Problem to work on
Gather every line below where "radius" appears.

Material for this task
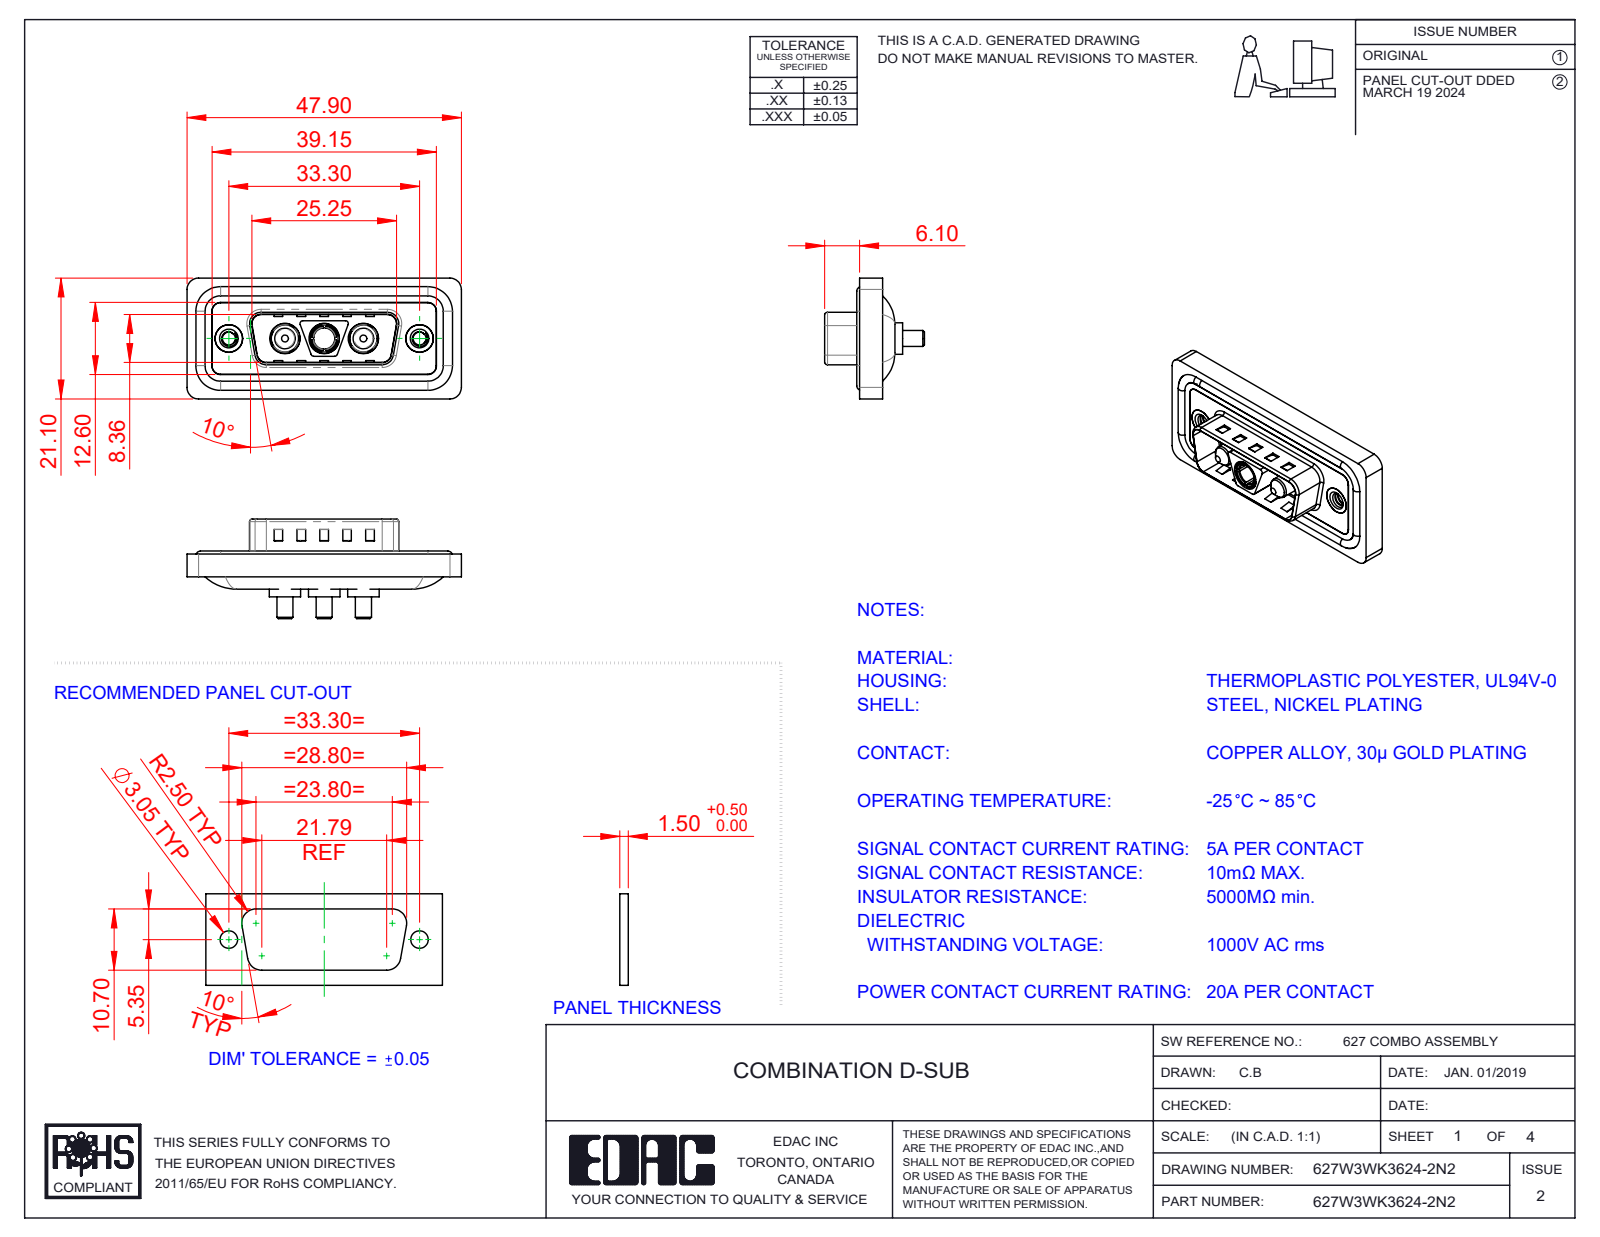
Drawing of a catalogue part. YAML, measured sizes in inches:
part_name: "627Combo Shell Front_15 Contacts; Power Pin_20A S; 627Combo Shell Rear_15 Contacts; 627Combo Housing_3WK3 (+4 more)"
step_written_by: "SolidWorks 2023 (CONFIG_CONTROL_DESIGN)"
units: inches
bodies: {solids: 13, faces: 609, planar: 231, cylindrical: 250, other: 128}
overall_size: [1.886, 0.831, 0.685]
volume: 0.347
surface_area: 14.15
round_holes:
  - {diameter: 0.191, count: 3}
  - {diameter: 0.209, count: 3}
  - {diameter: 0.089, count: 2}
  - {diameter: 0.157, count: 2}
  - {diameter: 0.189, count: 2}
  - {diameter: 0.197, count: 2}
  - {diameter: 0.146, count: 1}
round_bosses_or_shafts:
  - {diameter: 0.063, count: 4}
  - {diameter: 0.217, count: 3}
  - {diameter: 0.205, count: 3}
  - {diameter: 0.187, count: 3}
  - {diameter: 0.148, count: 3}
  - {diameter: 0.11, count: 3}
  - {diameter: 0.193, count: 2}
  - {diameter: 0.142, count: 2}
partial_cylinders:
  - {radius: 0.059, count: 26}
  - {radius: 0.079, count: 20}
  - {radius: 0.02, count: 12}
  - {radius: 0.063, count: 8}
  - {radius: 0.01, count: 4}
  - {radius: 0.024, count: 4}
  - {radius: 0.026, count: 4}
  - {radius: 0.035, count: 4}
face_to_face_distances: [0.016, 0.043, 0.059, 0.02, 0.063, 0.122, 0.114, 0.157, 0.032, 0.377]
hole_center_spacings: [0.27, 0.386, 0.656, 0.925, 0.539, 1.311]

Solution for this exercise
  - {radius: 0.059, count: 26}
  - {radius: 0.079, count: 20}
  - {radius: 0.02, count: 12}
  - {radius: 0.063, count: 8}
  - {radius: 0.01, count: 4}
  - {radius: 0.024, count: 4}
  - {radius: 0.026, count: 4}
  - {radius: 0.035, count: 4}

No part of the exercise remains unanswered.